## Try it
Search the entries below for "linetype" and copy each matching line.

(Data excerpts)
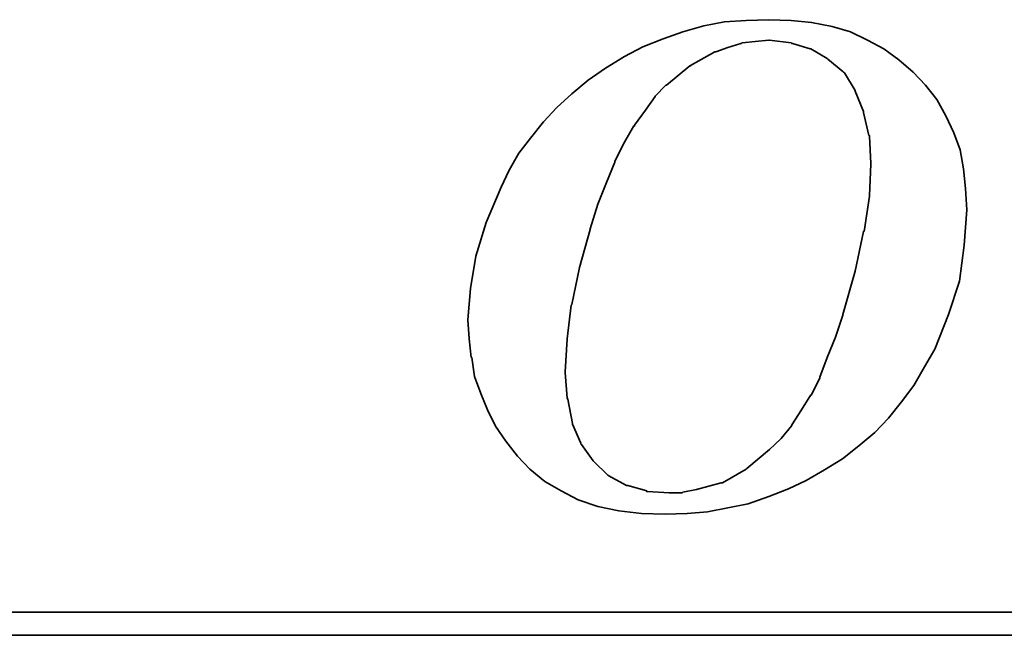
# Model space of a CAD drawing. Extents: x 8 to 593, y 42 to 126.
# Tile 35 of 51: x 149.44 to 152.39, y 90.55 to 92.4. Entities that reach past the tile are written whole.
import ezdxf

# ---------------------------------------------------------------- set-up
doc = ezdxf.new("R2010")
doc.units = 0
doc.header["$LTSCALE"] = 3
doc.header["$MEASUREMENT"] = 0
doc.layers.add('DIM', color=4, linetype='CONTINUOUS')
doc.layers.add('layer 1', color=7, linetype='CONTINUOUS')

# ---------------------------------------------------------------- blocks, each defined once
blk = doc.blocks.new('TBI MOTION logo(完整正式版)')
at = {"layer": 'layer 1', "color": 22, "lineweight": 35}
for points, knots in [([(-11.34375, -6.98375), (-11.34375, -6.98375), (-10.91375, -7.43875), (-10.91375, -7.43875), (-10.91375, -7.43875), (-10.91375, -7.43875), (-10.38625, -7.87125), (-10.38625, -7.87125), (-10.38625, -7.87125), (-10.38625, -7.87125), (-9.81125, -8.20375), (-9.81125, -8.20375), (-9.81125, -8.20375), (-9.81125, -8.20375), (-9.21125, -8.51875), (-9.21125, -8.51875), (-9.21125, -8.51875), (-9.21125, -8.51875), (-8.51625, -8.75875), (-8.51625, -8.75875), (-8.51625, -8.75875), (-8.51625, -8.75875), (-7.77125, -8.90375), (-7.77125, -8.90375), (-7.77125, -8.90375), (-7.77125, -8.90375), (-6.97875, -8.99875), (-6.97875, -8.99875), (-6.97875, -8.99875), (-6.97875, -8.99875), (-6.14125, -9.02375), (-6.14125, -9.02375), (-6.14125, -9.02375), (-6.14125, -9.02375), (-5.37125, -8.99875), (-5.37125, -8.99875), (-5.37125, -8.99875), (-5.37125, -8.99875), (-4.65375, -8.94875), (-4.65375, -8.94875), (-4.65375, -8.94875), (-4.65375, -8.94875), (-3.93375, -8.80625), (-3.93375, -8.80625), (-3.93375, -8.80625), (-3.93375, -8.80625), (-3.21375, -8.66375), (-3.21375, -8.66375), (-3.21375, -8.66375), (-3.21375, -8.66375), (-2.49375, -8.39875), (-2.49375, -8.39875), (-2.49375, -8.39875), (-2.49375, -8.39875), (-1.79875, -8.13375), (-1.79875, -8.13375), (-1.79875, -8.13375), (-1.79875, -8.13375), (-1.17375, -7.84375), (-1.17375, -7.84375), (-1.17375, -7.84375), (-1.17375, -7.84375), (-0.52375, -7.46375), (-0.52375, -7.46375), (-0.52375, -7.46375), (-0.52375, -7.46375), (0.10124, -7.07875), (0.10124, -7.07875), (0.10124, -7.07875), (0.10124, -7.07875), (0.67625, -6.62375), (0.67625, -6.62375), (0.67625, -6.62375), (0.67625, -6.62375), (1.24874, -6.14375), (1.24874, -6.14375), (1.24874, -6.14375), (1.24874, -6.14375), (1.72874, -5.64125), (1.72874, -5.64125), (1.72874, -5.64125), (1.72874, -5.64125), (2.18624, -5.06375), (2.18624, -5.06375), (2.18624, -5.06375), (2.18624, -5.06375), (2.61625, -4.48874), (2.61625, -4.48874), (2.61625, -4.48874), (2.61625, -4.48874), (3.00125, -3.83874), (3.00125, -3.83874), (3.00125, -3.83874), (3.00125, -3.83874), (3.36124, -3.21374), (3.36124, -3.21374), (3.36124, -3.21374), (3.36124, -3.21374), (3.84374, -1.99125), (3.84374, -1.99125), (3.84374, -1.99125), (3.84374, -1.99125), (4.22625, -0.81875), (4.22625, -0.81875), (4.22625, -0.81875), (4.22625, -0.81875), (4.39125, 0.45624), (4.39125, 0.45624), (4.39125, 0.45624), (4.39125, 0.45624), (4.48874, 1.70124), (4.48874, 1.70124), (4.48874, 1.70124), (4.48874, 1.70124), (4.43874, 2.44625), (4.43874, 2.44625), (4.43874, 2.44625), (4.43874, 2.44625), (4.36874, 3.14125), (4.36874, 3.14125), (4.36874, 3.14125), (4.36874, 3.14125), (4.25125, 3.81125), (4.25125, 3.81125), (4.25125, 3.81125), (4.25125, 3.81125), (4.03124, 4.41125), (4.03124, 4.41125), (4.03124, 4.41125), (4.03124, 4.41125), (3.74374, 5.01125), (3.74374, 5.01125), (3.74374, 5.01125), (3.74374, 5.01125), (3.43124, 5.58875), (3.43124, 5.58875), (3.43124, 5.58875), (3.43124, 5.58875), (3.02625, 6.09125), (3.02625, 6.09125), (3.02625, 6.09125), (3.02625, 6.09125), (2.59374, 6.54875), (2.59374, 6.54875), (2.59374, 6.54875), (2.59374, 6.54875), (2.09124, 6.98125), (2.09124, 6.98125), (2.09124, 6.98125), (2.09124, 6.98125), (1.56124, 7.36625), (1.56124, 7.36625), (1.56124, 7.36625), (1.56124, 7.36625), (0.98624, 7.67625), (0.98624, 7.67625), (0.98624, 7.67625), (0.98624, 7.67625), (0.38624, 7.96375), (0.38624, 7.96375), (0.38624, 7.96375), (0.38624, 7.96375), (-0.25875, 8.15625), (-0.25875, 8.15625), (-0.25875, 8.15625), (-0.25875, 8.15625), (-0.98125, 8.30125), (-0.98125, 8.30125), (-0.98125, 8.30125), (-0.98125, 8.30125), (-1.70124, 8.37125), (-1.70124, 8.37125), (-1.70124, 8.37125), (-1.70124, 8.37125), (-2.49375, 8.39624), (-2.49375, 8.39624), (-2.49375, 8.39624), (-2.49375, 8.39624), (-3.28625, 8.37125), (-3.28625, 8.37125), (-3.28625, 8.37125), (-3.28625, 8.37125), (-4.05125, 8.32125), (-4.05125, 8.32125), (-4.05125, 8.32125), (-4.05125, 8.32125), (-4.77375, 8.18125), (-4.77375, 8.18125), (-4.77375, 8.18125), (-4.77375, 8.18125), (-5.51625, 7.96375), (-5.51625, 7.96375), (-5.51625, 7.96375), (-5.51625, 7.96375), (-6.21125, 7.72625), (-6.21125, 7.72625), (-6.21125, 7.72625), (-6.21125, 7.72625), (-6.92875, 7.43625), (-6.92875, 7.43625), (-6.92875, 7.43625), (-6.92875, 7.43625), (-7.57875, 7.10125), (-7.57875, 7.10125), (-7.57875, 7.10125), (-7.57875, 7.10125), (-8.24875, 6.69125), (-8.24875, 6.69125), (-8.24875, 6.69125), (-8.24875, 6.69125), (-8.84875, 6.26125), (-8.84875, 6.26125), (-8.84875, 6.26125), (-8.84875, 6.26125), (-9.42625, 5.78125), (-9.42625, 5.78125), (-9.42625, 5.78125), (-9.42625, 5.78125), (-9.95375, 5.30125), (-9.95375, 5.30125), (-9.95375, 5.30125), (-9.95375, 5.30125), (-10.43375, 4.79624), (-10.43375, 4.79624), (-10.43375, 4.79624), (-10.43375, 4.79624), (-10.88875, 4.22125), (-10.88875, 4.22125), (-10.88875, 4.22125), (-10.88875, 4.22125), (-11.29875, 3.69375), (-11.29875, 3.69375), (-11.29875, 3.69375), (-11.29875, 3.69375), (-11.63375, 3.09125), (-11.63375, 3.09125), (-11.63375, 3.09125), (-11.63375, 3.09125), (-11.91875, 2.49625), (-11.91875, 2.49625), (-11.91875, 2.49625), (-11.91875, 2.49625), (-12.44875, 1.24625), (-12.44875, 1.24625), (-12.44875, 1.24625), (-12.44875, 1.24625), (-12.80875, 0.06874), (-12.80875, 0.06874), (-12.80875, 0.06874), (-12.80875, 0.06874), (-12.99875, -1.07875), (-12.99875, -1.07875), (-12.99875, -1.07875), (-12.99875, -1.07875), (-13.09375, -2.18375), (-13.09375, -2.18375), (-13.09375, -2.18375), (-13.09375, -2.18375), (-13.04875, -2.85375), (-13.04875, -2.85375), (-13.04875, -2.85375), (-13.04875, -2.85375), (-12.97375, -3.50375), (-12.97375, -3.50375), (-12.97375, -3.50375), (-12.97375, -3.50375), (-12.95375, -3.50375), (-12.95375, -3.50375), (-12.95375, -3.50375), (-12.95375, -3.50375), (-12.85375, -4.17375), (-12.85375, -4.17375), (-12.85375, -4.17375), (-12.85375, -4.17375), (-12.63875, -4.77624), (-12.63875, -4.77624), (-12.63875, -4.77624), (-12.63875, -4.77624), (-12.39875, -5.35125), (-12.39875, -5.35125), (-12.39875, -5.35125), (-12.39875, -5.35125), (-12.11375, -5.92875), (-12.11375, -5.92875), (-12.11375, -5.92875), (-12.11375, -5.92875), (-11.75375, -6.45375), (-11.75375, -6.45375), (-11.75375, -6.45375), (-11.75375, -6.45375), (-11.34375, -6.98375), (-11.34375, -6.98375)], [0, 0, 0, 0, 0.01369863, 0.01369863, 0.01369863, 0.01369863, 0.02739726, 0.02739726, 0.02739726, 0.02739726, 0.04109589, 0.04109589, 0.04109589, 0.04109589, 0.05479452, 0.05479452, 0.05479452, 0.05479452, 0.06849315, 0.06849315, 0.06849315, 0.06849315, 0.08219178, 0.08219178, 0.08219178, 0.08219178, 0.09589041, 0.09589041, 0.09589041, 0.09589041, 0.10958904, 0.10958904, 0.10958904, 0.10958904, 0.12328767, 0.12328767, 0.12328767, 0.12328767, 0.1369863, 0.1369863, 0.1369863, 0.1369863, 0.15068493, 0.15068493, 0.15068493, 0.15068493, 0.16438356, 0.16438356, 0.16438356, 0.16438356, 0.17808219, 0.17808219, 0.17808219, 0.17808219, 0.19178082, 0.19178082, 0.19178082, 0.19178082, 0.20547945, 0.20547945, 0.20547945, 0.20547945, 0.21917808, 0.21917808, 0.21917808, 0.21917808, 0.23287671, 0.23287671, 0.23287671, 0.23287671, 0.24657534, 0.24657534, 0.24657534, 0.24657534, 0.26027397, 0.26027397, 0.26027397, 0.26027397, 0.2739726, 0.2739726, 0.2739726, 0.2739726, 0.28767123, 0.28767123, 0.28767123, 0.28767123, 0.30136986, 0.30136986, 0.30136986, 0.30136986, 0.31506849, 0.31506849, 0.31506849, 0.31506849, 0.32876712, 0.32876712, 0.32876712, 0.32876712, 0.34246575, 0.34246575, 0.34246575, 0.34246575, 0.35616438, 0.35616438, 0.35616438, 0.35616438, 0.36986301, 0.36986301, 0.36986301, 0.36986301, 0.38356164, 0.38356164, 0.38356164, 0.38356164, 0.39726027, 0.39726027, 0.39726027, 0.39726027, 0.4109589, 0.4109589, 0.4109589, 0.4109589, 0.42465753, 0.42465753, 0.42465753, 0.42465753, 0.43835616, 0.43835616, 0.43835616, 0.43835616, 0.45205479, 0.45205479, 0.45205479, 0.45205479, 0.46575342, 0.46575342, 0.46575342, 0.46575342, 0.47945205, 0.47945205, 0.47945205, 0.47945205, 0.49315068, 0.49315068, 0.49315068, 0.49315068, 0.50684932, 0.50684932, 0.50684932, 0.50684932, 0.52054795, 0.52054795, 0.52054795, 0.52054795, 0.53424658, 0.53424658, 0.53424658, 0.53424658, 0.54794521, 0.54794521, 0.54794521, 0.54794521, 0.56164384, 0.56164384, 0.56164384, 0.56164384, 0.57534247, 0.57534247, 0.57534247, 0.57534247, 0.5890411, 0.5890411, 0.5890411, 0.5890411, 0.60273973, 0.60273973, 0.60273973, 0.60273973, 0.61643836, 0.61643836, 0.61643836, 0.61643836, 0.63013699, 0.63013699, 0.63013699, 0.63013699, 0.64383562, 0.64383562, 0.64383562, 0.64383562, 0.65753425, 0.65753425, 0.65753425, 0.65753425, 0.67123288, 0.67123288, 0.67123288, 0.67123288, 0.68493151, 0.68493151, 0.68493151, 0.68493151, 0.69863014, 0.69863014, 0.69863014, 0.69863014, 0.71232877, 0.71232877, 0.71232877, 0.71232877, 0.7260274, 0.7260274, 0.7260274, 0.7260274, 0.73972603, 0.73972603, 0.73972603, 0.73972603, 0.75342466, 0.75342466, 0.75342466, 0.75342466, 0.76712329, 0.76712329, 0.76712329, 0.76712329, 0.78082192, 0.78082192, 0.78082192, 0.78082192, 0.79452055, 0.79452055, 0.79452055, 0.79452055, 0.80821918, 0.80821918, 0.80821918, 0.80821918, 0.82191781, 0.82191781, 0.82191781, 0.82191781, 0.83561644, 0.83561644, 0.83561644, 0.83561644, 0.84931507, 0.84931507, 0.84931507, 0.84931507, 0.8630137, 0.8630137, 0.8630137, 0.8630137, 0.87671233, 0.87671233, 0.87671233, 0.87671233, 0.89041096, 0.89041096, 0.89041096, 0.89041096, 0.90410959, 0.90410959, 0.90410959, 0.90410959, 0.91780822, 0.91780822, 0.91780822, 0.91780822, 0.93150685, 0.93150685, 0.93150685, 0.93150685, 0.94520548, 0.94520548, 0.94520548, 0.94520548, 0.95890411, 0.95890411, 0.95890411, 0.95890411, 0.97260274, 0.97260274, 0.97260274, 0.97260274, 0.98630137, 0.98630137, 0.98630137, 0.98630137, 1, 1, 1, 1]), ([(-8.77875, 1.03124), (-8.77875, 1.03124), (-8.51625, 1.89625), (-8.51625, 1.89625), (-8.51625, 1.89625), (-8.51625, 1.89625), (-8.20375, 2.66375), (-8.20375, 2.66375), (-8.20375, 2.66375), (-8.20375, 2.66375), (-7.91625, 3.38125), (-7.91625, 3.38125), (-7.91625, 3.38125), (-7.91625, 3.38125), (-7.91625, 3.40624), (-7.91625, 3.40624), (-7.91625, 3.40624), (-7.91625, 3.40624), (-7.57875, 4.07624), (-7.57875, 4.07624), (-7.57875, 4.07624), (-7.57875, 4.07624), (-7.24375, 4.65125), (-7.24375, 4.65125), (-7.24375, 4.65125), (-7.24375, 4.65125), (-7.21875, 4.65125), (-7.21875, 4.65125), (-7.21875, 4.65125), (-7.21875, 4.65125), (-7.21875, 4.67624), (-7.21875, 4.67624), (-7.21875, 4.67624), (-7.21875, 4.67624), (-6.83625, 5.20375), (-6.83625, 5.20375), (-6.83625, 5.20375), (-6.83625, 5.20375), (-6.49875, 5.68625), (-6.49875, 5.68625), (-6.49875, 5.68625), (-6.49875, 5.68625), (-6.49875, 5.70625), (-6.49875, 5.70625), (-6.49875, 5.70625), (-6.49875, 5.70625), (-6.11625, 6.09125), (-6.11625, 6.09125), (-6.11625, 6.09125), (-6.11625, 6.09125), (-6.09125, 6.09125), (-6.09125, 6.09125), (-6.09125, 6.09125), (-6.09125, 6.09125), (-5.27375, 6.76625), (-5.27375, 6.76625), (-5.27375, 6.76625), (-5.27375, 6.76625), (-5.24875, 6.76625), (-5.24875, 6.76625), (-5.24875, 6.76625), (-5.24875, 6.76625), (-5.24875, 6.78625), (-5.24875, 6.78625), (-5.24875, 6.78625), (-5.24875, 6.78625), (-4.38875, 7.26624), (-4.38875, 7.26624), (-4.38875, 7.26624), (-4.38875, 7.26624), (-4.36125, 7.26624), (-4.36125, 7.26624), (-4.36125, 7.26624), (-4.36125, 7.26624), (-3.93375, 7.41125), (-3.93375, 7.41125), (-3.93375, 7.41125), (-3.93375, 7.41125), (-3.47375, 7.55625), (-3.47375, 7.55625), (-3.47375, 7.55625), (-3.47375, 7.55625), (-3.45375, 7.55625), (-3.45375, 7.55625), (-3.45375, 7.55625), (-3.45375, 7.55625), (-3.42875, 7.58124), (-3.42875, 7.58124), (-3.42875, 7.58124), (-3.42875, 7.58124), (-2.97375, 7.62625), (-2.97375, 7.62625), (-2.97375, 7.62625), (-2.97375, 7.62625), (-2.49375, 7.67625), (-2.49375, 7.67625), (-2.49375, 7.67625), (-2.49375, 7.67625), (-2.46875, 7.67625), (-2.46875, 7.67625), (-2.46875, 7.67625), (-2.46875, 7.67625), (-1.70124, 7.58124), (-1.70124, 7.58124), (-1.70124, 7.58124), (-1.70124, 7.58124), (-1.67875, 7.55625), (-1.67875, 7.55625), (-1.67875, 7.55625), (-1.67875, 7.55625), (-1.65375, 7.55625), (-1.65375, 7.55625), (-1.65375, 7.55625), (-1.65375, 7.55625), (-1.03125, 7.36625), (-1.03125, 7.36625), (-1.03125, 7.36625), (-1.03125, 7.36625), (-1.00625, 7.36625), (-1.00625, 7.36625), (-1.00625, 7.36625), (-1.00625, 7.36625), (-0.43124, 7.02624), (-0.43124, 7.02624), (-0.43124, 7.02624), (-0.43124, 7.02624), (-0.40625, 7.00624), (-0.40625, 7.00624), (-0.40625, 7.00624), (-0.40625, 7.00624), (0.12124, 6.57124), (0.12124, 6.57124), (0.12124, 6.57124), (0.12124, 6.57124), (0.14624, 6.54875), (0.14624, 6.54875), (0.14624, 6.54875), (0.14624, 6.54875), (0.17124, 6.52375), (0.17124, 6.52375), (0.17124, 6.52375), (0.17124, 6.52375), (0.55625, 5.89875), (0.55625, 5.89875), (0.55625, 5.89875), (0.55625, 5.89875), (0.55625, 5.87625), (0.55625, 5.87625), (0.55625, 5.87625), (0.55625, 5.87625), (0.84124, 5.15625), (0.84124, 5.15625), (0.84124, 5.15625), (0.84124, 5.15625), (0.84124, 5.13125), (0.84124, 5.13125), (0.84124, 5.13125), (0.84124, 5.13125), (1.03624, 4.31875), (1.03624, 4.31875), (1.03624, 4.31875), (1.03624, 4.31875), (1.05624, 4.31875), (1.05624, 4.31875), (1.05624, 4.31875), (1.05624, 4.31875), (1.05624, 4.29125), (1.05624, 4.29125), (1.05624, 4.29125), (1.05624, 4.29125), (1.10625, 3.33125), (1.10625, 3.33125), (1.10625, 3.33125), (1.10625, 3.33125), (1.10625, 3.30875), (1.10625, 3.30875), (1.10625, 3.30875), (1.10625, 3.30875), (1.05624, 2.20624), (1.05624, 2.20624), (1.05624, 2.20624), (1.05624, 2.20624), (1.05624, 2.18124), (1.05624, 2.18124), (1.05624, 2.18124), (1.05624, 2.18124), (0.86624, 0.93624), (0.86624, 0.93624), (0.86624, 0.93624), (0.86624, 0.93624), (0.84124, 0.93624), (0.84124, 0.93624), (0.84124, 0.93624), (0.84124, 0.93624), (0.55625, -0.45874), (0.55625, -0.45874), (0.55625, -0.45874), (0.55625, -0.45874), (0.12124, -1.99125), (0.12124, -1.99125), (0.12124, -1.99125), (0.12124, -1.99125), (0.12124, -2.01874), (0.12124, -2.01874), (0.12124, -2.01874), (0.12124, -2.01874), (-0.13874, -2.78375), (-0.13874, -2.78375), (-0.13874, -2.78375), (-0.13874, -2.78375), (-0.43124, -3.50375), (-0.43124, -3.50375), (-0.43124, -3.50375), (-0.43124, -3.50375), (-0.69375, -4.19875), (-0.69375, -4.19875), (-0.69375, -4.19875), (-0.69375, -4.19875), (-0.69375, -4.22375), (-0.69375, -4.22375), (-0.69375, -4.22375), (-0.69375, -4.22375), (-0.98125, -4.82374), (-0.98125, -4.82374), (-0.98125, -4.82374), (-0.98125, -4.82374), (-1.00625, -4.82374), (-1.00625, -4.82374), (-1.00625, -4.82374), (-1.00625, -4.82374), (-1.33875, -5.35125), (-1.33875, -5.35125), (-1.33875, -5.35125), (-1.33875, -5.35125), (-1.67875, -5.87875), (-1.67875, -5.87875), (-1.67875, -5.87875), (-1.67875, -5.87875), (-1.67875, -5.90375), (-1.67875, -5.90375), (-1.67875, -5.90375), (-1.67875, -5.90375), (-2.05875, -6.35875), (-2.05875, -6.35875), (-2.05875, -6.35875), (-2.05875, -6.35875), (-2.08375, -6.38375), (-2.08375, -6.38375), (-2.08375, -6.38375), (-2.08375, -6.38375), (-2.46875, -6.74375), (-2.46875, -6.74375), (-2.46875, -6.74375), (-2.46875, -6.74375), (-3.25875, -7.41625), (-3.25875, -7.41625), (-3.25875, -7.41625), (-3.25875, -7.41625), (-3.28625, -7.43875), (-3.28625, -7.43875), (-3.28625, -7.43875), (-3.28625, -7.43875), (-4.12375, -7.91875), (-4.12375, -7.91875), (-4.12375, -7.91875), (-4.12375, -7.91875), (-4.14875, -7.91875), (-4.14875, -7.91875), (-4.14875, -7.91875), (-4.14875, -7.91875), (-4.17125, -7.91875), (-4.17125, -7.91875), (-4.17125, -7.91875), (-4.17125, -7.91875), (-5.03375, -8.15875), (-5.03375, -8.15875), (-5.03375, -8.15875), (-5.03375, -8.15875), (-5.51625, -8.25625), (-5.51625, -8.25625), (-5.51625, -8.25625), (-5.51625, -8.25625), (-5.54125, -8.27875), (-5.54125, -8.27875), (-5.54125, -8.27875), (-5.54125, -8.27875), (-5.56375, -8.27875), (-5.56375, -8.27875), (-5.56375, -8.27875), (-5.56375, -8.27875), (-5.99625, -8.27875), (-5.99625, -8.27875), (-5.99625, -8.27875), (-5.99625, -8.27875), (-6.76375, -8.23125), (-6.76375, -8.23125), (-6.76375, -8.23125), (-6.76375, -8.23125), (-6.78875, -8.23125), (-6.78875, -8.23125), (-6.78875, -8.23125), (-6.78875, -8.23125), (-6.78875, -8.20375), (-6.78875, -8.20375), (-6.78875, -8.20375), (-6.78875, -8.20375), (-7.45875, -8.01375), (-7.45875, -8.01375), (-7.45875, -8.01375), (-7.45875, -8.01375), (-7.48375, -8.01375), (-7.48375, -8.01375), (-7.48375, -8.01375), (-7.48375, -8.01375), (-7.50875, -8.01375), (-7.50875, -8.01375), (-7.50875, -8.01375), (-7.50875, -8.01375), (-8.13125, -7.67875), (-8.13125, -7.67875), (-8.13125, -7.67875), (-8.13125, -7.67875), (-8.15625, -7.65375), (-8.15625, -7.65375), (-8.15625, -7.65375), (-8.15625, -7.65375), (-8.65875, -7.17375), (-8.65875, -7.17375), (-8.65875, -7.17375), (-8.65875, -7.17375), (-8.68375, -7.14875), (-8.68375, -7.14875), (-8.68375, -7.14875), (-8.68375, -7.14875), (-9.08875, -6.57375), (-9.08875, -6.57375), (-9.08875, -6.57375), (-9.08875, -6.57375), (-9.11375, -6.54875), (-9.11375, -6.54875), (-9.11375, -6.54875), (-9.11375, -6.54875), (-9.11375, -6.52875), (-9.11375, -6.52875), (-9.11375, -6.52875), (-9.11375, -6.52875), (-9.40375, -5.85375), (-9.40375, -5.85375), (-9.40375, -5.85375), (-9.40375, -5.85375), (-9.40375, -5.82875), (-9.40375, -5.82875), (-9.40375, -5.82875), (-9.40375, -5.82875), (-9.56875, -4.96875), (-9.56875, -4.96875), (-9.56875, -4.96875), (-9.56875, -4.96875), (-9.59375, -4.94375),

## Solution
doc.layers.add('DIM', color=4, linetype='CONTINUOUS')
doc.layers.add('layer 1', color=7, linetype='CONTINUOUS')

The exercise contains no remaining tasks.